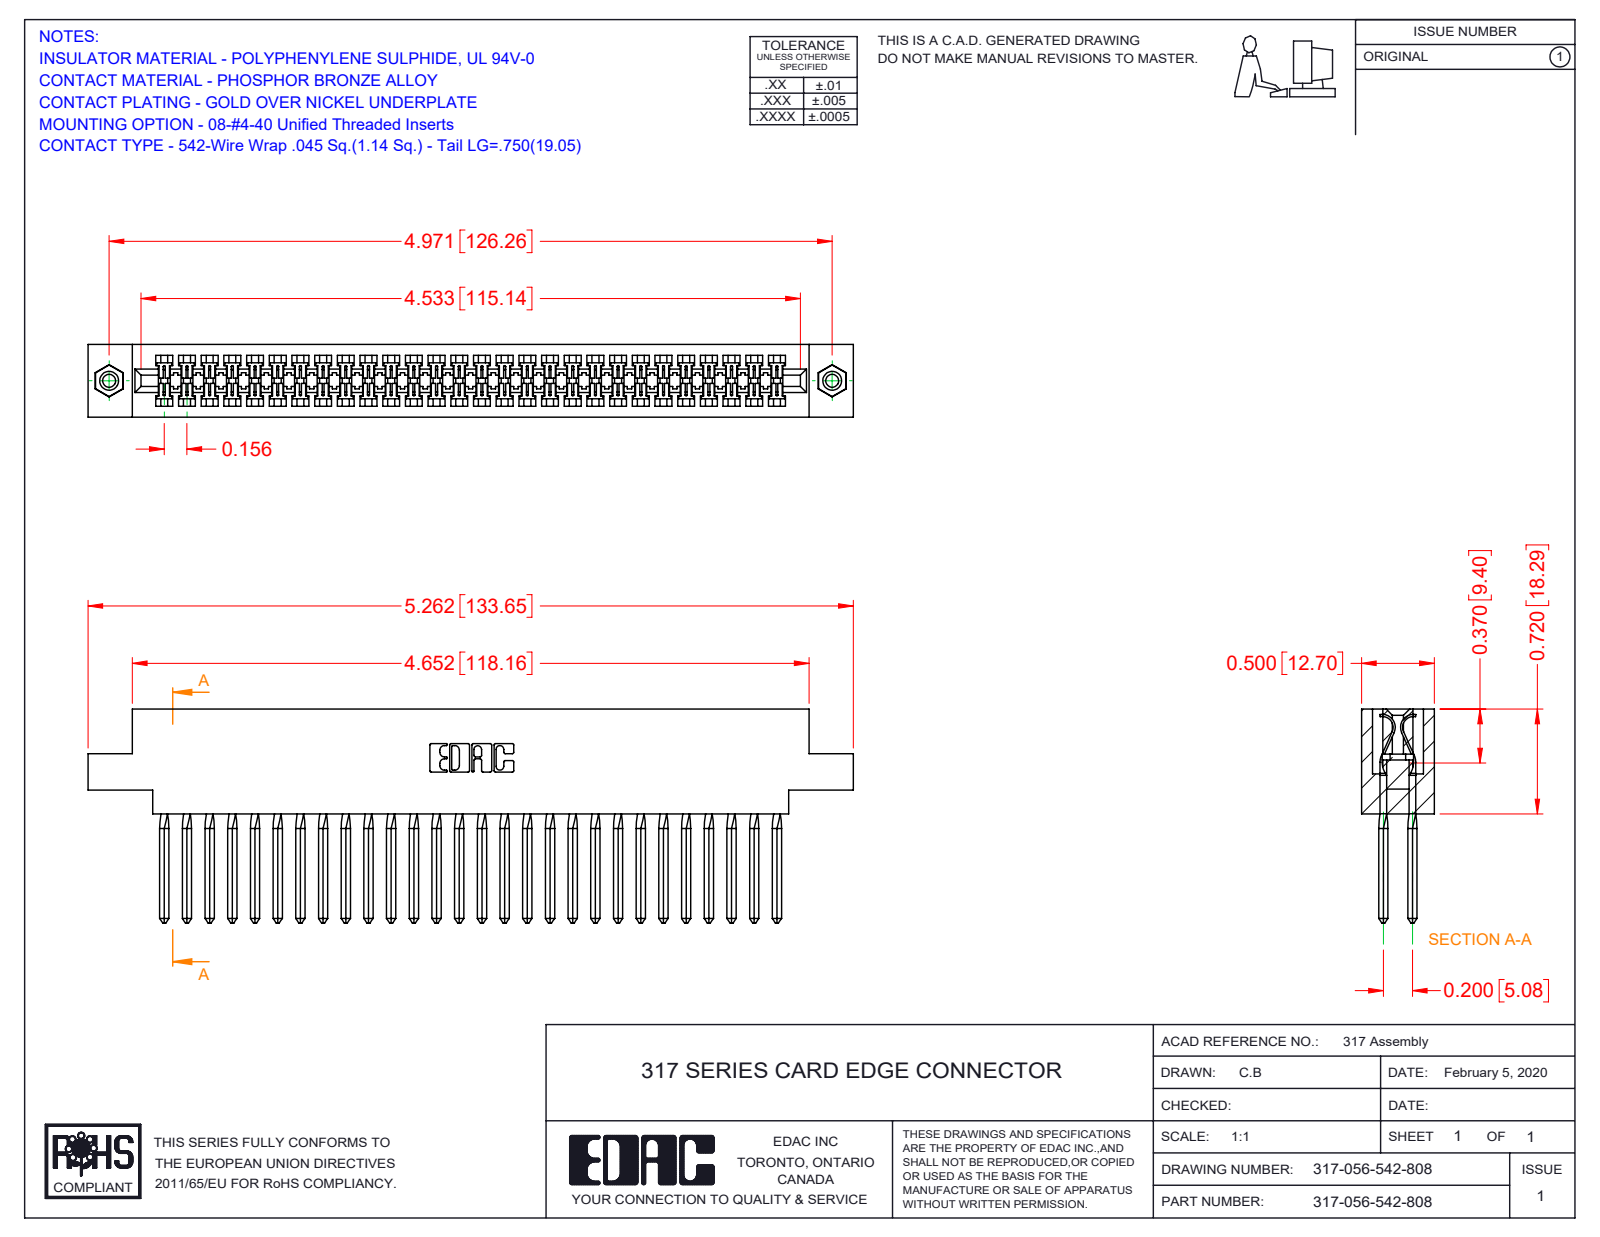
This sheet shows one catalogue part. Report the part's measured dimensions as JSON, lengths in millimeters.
{"part_name": "317-056-542-878; 345-250-001_345-250-003-102; 317 Part_.156 Dia - TI; 317-290-003_542", "step_written_by": "SolidWorks 2016 (CONFIG_CONTROL_DESIGN)", "units": "millimeters", "bodies": {"solids": 59, "faces": 3354, "planar": 2666, "cylindrical": 448, "other": 240}, "overall_size": [133.7, 37.3, 12.7], "volume_mm3": 21430, "surface_area_mm2": 29380, "round_holes": [[2.3, 2], [3.2, 2], [4, 2]], "round_bosses_or_shafts": [[3.9, 2]], "partial_cylinders_radius": [[0.2, 112], [0.3, 22], [0.2, 6], [0.8, 6], [0.7, 3], [1.9, 2], [2.3, 2], [2.5, 2]], "face_to_face_distances": [12.7, 1.9, 10.8, 8.9, 5.1, 2.8, 2.9, 1.2, 3.5, 3.3], "hole_center_spacings": [126.3]}
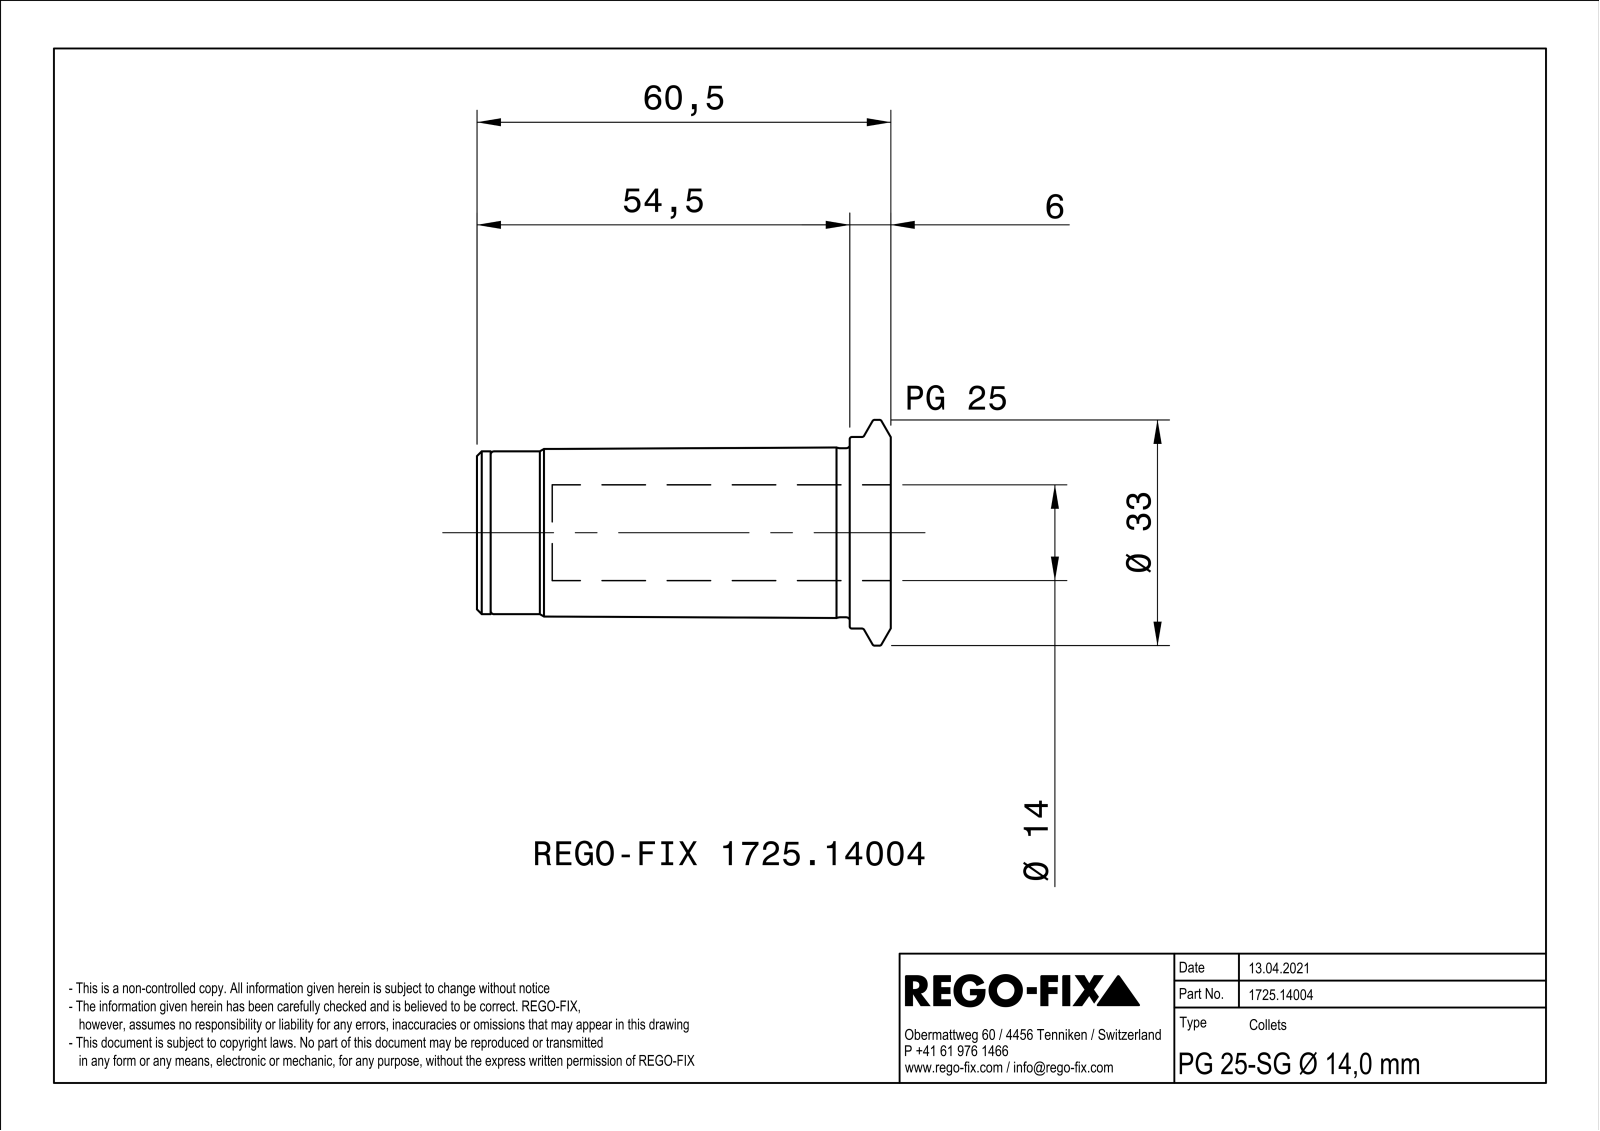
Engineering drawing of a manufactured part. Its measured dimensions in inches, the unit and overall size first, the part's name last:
Units: inches
Overall size (bounding box): 2.382 × 1.299 × 1.299
Round holes (diameter × count): ⌀0.098 ×3, ⌀0.205 ×1, ⌀0.272 ×1, ⌀0.323 ×1, ⌀0.551 ×1, ⌀0.803 ×1, ⌀0.824 ×1, ⌀0.874 ×1
Round bosses / shafts (diameter × count): ⌀1.299 ×1, ⌀1.102 ×1, ⌀0.972 ×1, ⌀0.937 ×1, ⌀0.472 ×1
Main face-to-face distances: 0.039, 2.382, 2.071, 0.311, 2.303, 0.232, 0.079, 1.969, 0.102, 0.335
Hole centre spacings: 0.305, 0.529, 0.528
Bodies: 1 solid, 85 faces (23 planar, 23 cylindrical, 39 other)
Part name (STEP PRODUCT): NOCUT
STEP written by: SIEMENS PLM Software Solid Edge ST10 (AUTOMOTIVE_DESIGN)
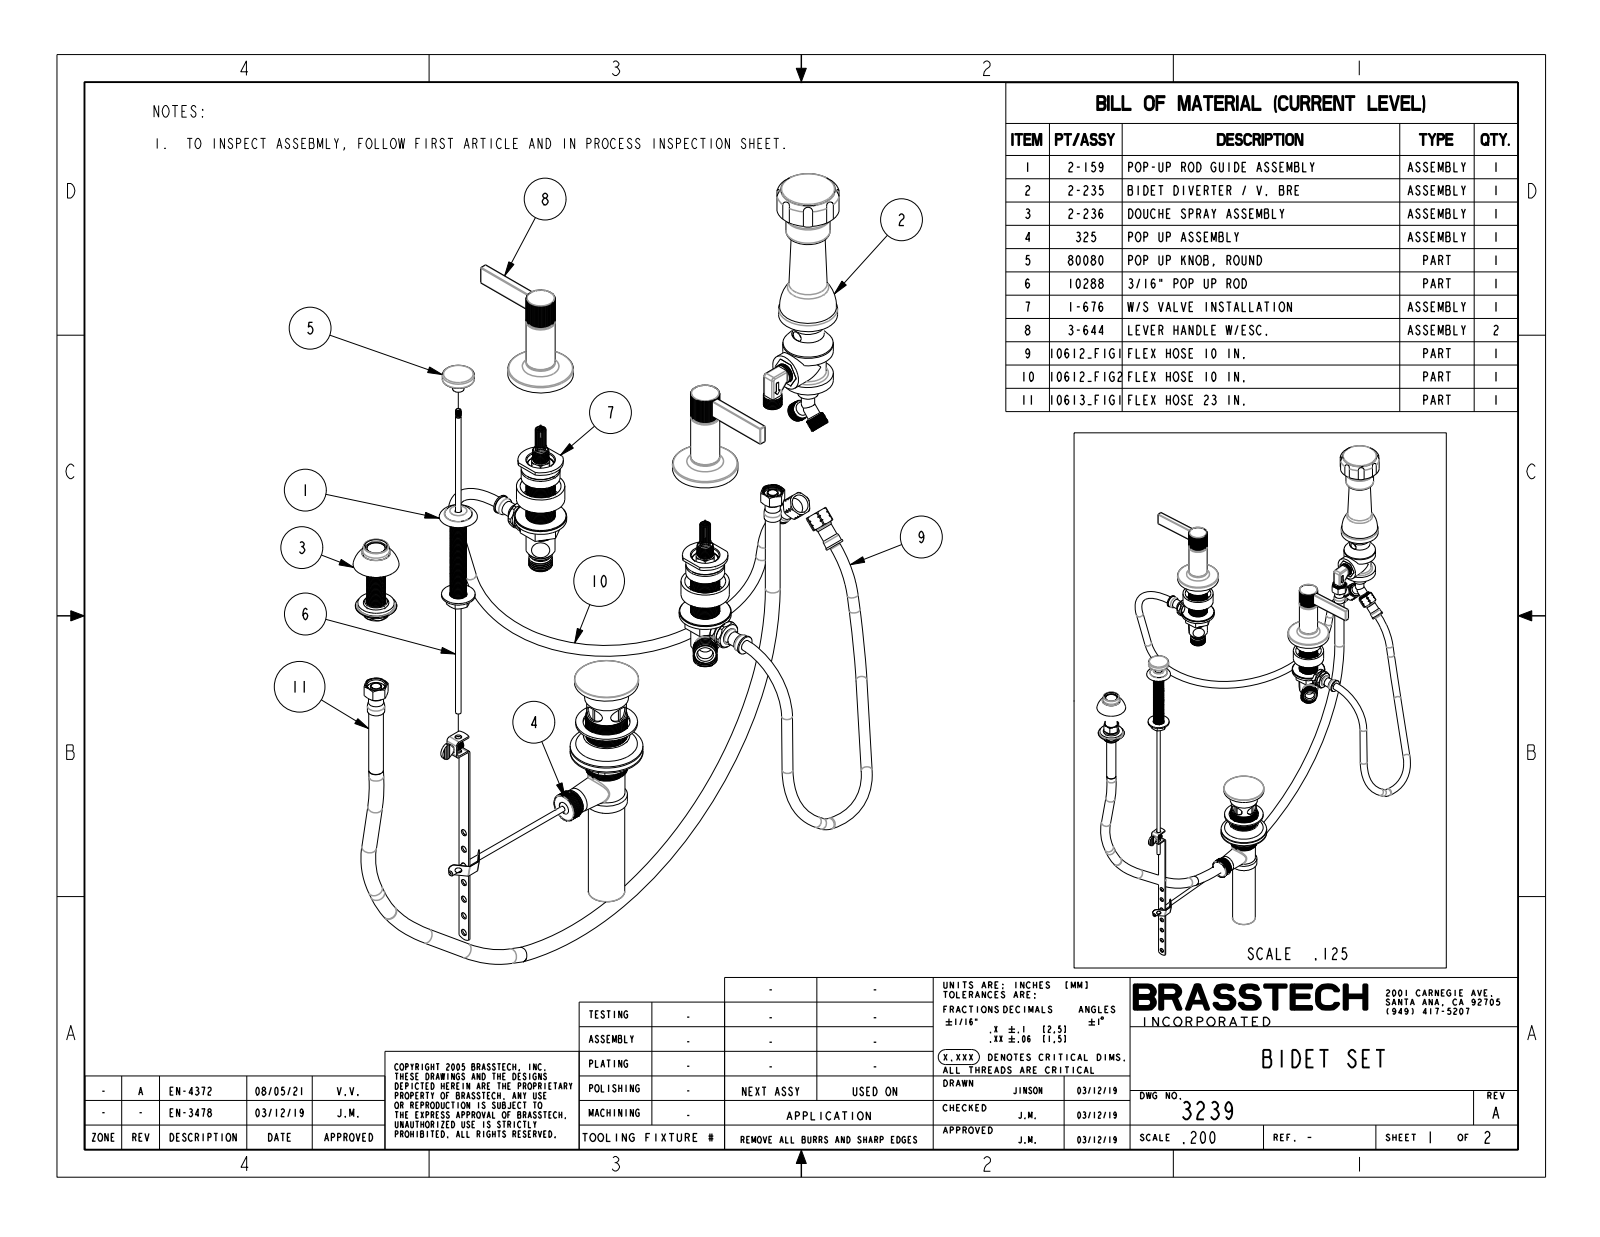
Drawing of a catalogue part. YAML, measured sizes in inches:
part_name: "10078; 2-159_ASM; 91093; 10600 (+8 more)"
step_written_by: "CREO PARAMETRIC BY PTC INC, 2018400 (CONFIG_CONTROL_DESIGN)"
units: inches
bodies: {solids: 39, faces: 3429, planar: 1238, cylindrical: 1397, other: 794}
overall_size: [22.855, 13.6, 5.373]
volume: 10.96
surface_area: 279.4
round_holes:
  - {diameter: 0.11, count: 4}
  - {diameter: 0.15, count: 3}
  - {diameter: 0.6, count: 3}
  - {diameter: 0.14, count: 2}
  - {diameter: 0.275, count: 2}
  - {diameter: 0.335, count: 2}
  - {diameter: 0.358, count: 2}
  - {diameter: 0.375, count: 2}
  - {diameter: 0.383, count: 2}
  - {diameter: 0.397, count: 2}
  - {diameter: 0.4, count: 2}
  - {diameter: 0.42, count: 2}
round_bosses_or_shafts:
  - {diameter: 0.138, count: 4}
  - {diameter: 2.25, count: 2}
  - {diameter: 1.812, count: 2}
  - {diameter: 1, count: 2}
  - {diameter: 0.85, count: 2}
  - {diameter: 0.73, count: 2}
  - {diameter: 0.572, count: 2}
  - {diameter: 0.52, count: 2}
partial_cylinders:
  - {radius: 0.05, count: 30}
  - {radius: 0.111, count: 30}
  - {radius: 0.184, count: 30}
  - {radius: 0.02, count: 20}
  - {radius: 0.01, count: 12}
  - {radius: 0.042, count: 12}
  - {radius: 0.21, count: 8}
  - {radius: 0.1, count: 6}
face_to_face_distances: [0.25, 0.705, 2.321, 0.055, 0.175, 3.201, 3.026, 0.624, 0.25, 0.5]
hole_center_spacings: [0.335, 8.335, 8.944, 9.099, 9.849, 9.99, 12.649, 12.759]

===============

_What the task requires_
Leave the pictures aside and output each entry exactly as it stands.

_Solution to the problem_
This sheet shows one catalogue part. Report the part's measured dimensions as JSON, lengths in millimeters.
{"part_name": "317-056-542-878; 345-250-001_345-250-003-102; 317 Part_.156 Dia - TI; 317-290-003_542", "step_written_by": "SolidWorks 2016 (CONFIG_CONTROL_DESIGN)", "units": "millimeters", "bodies": {"solids": 59, "faces": 3354, "planar": 2666, "cylindrical": 448, "other": 240}, "overall_size": [133.7, 37.3, 12.7], "volume_mm3": 21430, "surface_area_mm2": 29380, "round_holes": [[2.3, 2], [3.2, 2], [4, 2]], "round_bosses_or_shafts": [[3.9, 2]], "partial_cylinders_radius": [[0.2, 112], [0.3, 22], [0.2, 6], [0.8, 6], [0.7, 3], [1.9, 2], [2.3, 2], [2.5, 2]], "face_to_face_distances": [12.7, 1.9, 10.8, 8.9, 5.1, 2.8, 2.9, 1.2, 3.5, 3.3], "hole_center_spacings": [126.3]}
Engineering drawing of a manufactured part. Its measured dimensions in inches, the unit and overall size first, the part's name last:
Units: inches
Overall size (bounding box): 2.382 × 1.299 × 1.299
Round holes (diameter × count): ⌀0.098 ×3, ⌀0.205 ×1, ⌀0.272 ×1, ⌀0.323 ×1, ⌀0.551 ×1, ⌀0.803 ×1, ⌀0.824 ×1, ⌀0.874 ×1
Round bosses / shafts (diameter × count): ⌀1.299 ×1, ⌀1.102 ×1, ⌀0.972 ×1, ⌀0.937 ×1, ⌀0.472 ×1
Main face-to-face distances: 0.039, 2.382, 2.071, 0.311, 2.303, 0.232, 0.079, 1.969, 0.102, 0.335
Hole centre spacings: 0.305, 0.529, 0.528
Bodies: 1 solid, 85 faces (23 planar, 23 cylindrical, 39 other)
Part name (STEP PRODUCT): NOCUT
STEP written by: SIEMENS PLM Software Solid Edge ST10 (AUTOMOTIVE_DESIGN)
Drawing of a catalogue part. YAML, measured sizes in inches:
part_name: "10078; 2-159_ASM; 91093; 10600 (+8 more)"
step_written_by: "CREO PARAMETRIC BY PTC INC, 2018400 (CONFIG_CONTROL_DESIGN)"
units: inches
bodies: {solids: 39, faces: 3429, planar: 1238, cylindrical: 1397, other: 794}
overall_size: [22.855, 13.6, 5.373]
volume: 10.96
surface_area: 279.4
round_holes:
  - {diameter: 0.11, count: 4}
  - {diameter: 0.15, count: 3}
  - {diameter: 0.6, count: 3}
  - {diameter: 0.14, count: 2}
  - {diameter: 0.275, count: 2}
  - {diameter: 0.335, count: 2}
  - {diameter: 0.358, count: 2}
  - {diameter: 0.375, count: 2}
  - {diameter: 0.383, count: 2}
  - {diameter: 0.397, count: 2}
  - {diameter: 0.4, count: 2}
  - {diameter: 0.42, count: 2}
round_bosses_or_shafts:
  - {diameter: 0.138, count: 4}
  - {diameter: 2.25, count: 2}
  - {diameter: 1.812, count: 2}
  - {diameter: 1, count: 2}
  - {diameter: 0.85, count: 2}
  - {diameter: 0.73, count: 2}
  - {diameter: 0.572, count: 2}
  - {diameter: 0.52, count: 2}
partial_cylinders:
  - {radius: 0.05, count: 30}
  - {radius: 0.111, count: 30}
  - {radius: 0.184, count: 30}
  - {radius: 0.02, count: 20}
  - {radius: 0.01, count: 12}
  - {radius: 0.042, count: 12}
  - {radius: 0.21, count: 8}
  - {radius: 0.1, count: 6}
face_to_face_distances: [0.25, 0.705, 2.321, 0.055, 0.175, 3.201, 3.026, 0.624, 0.25, 0.5]
hole_center_spacings: [0.335, 8.335, 8.944, 9.099, 9.849, 9.99, 12.649, 12.759]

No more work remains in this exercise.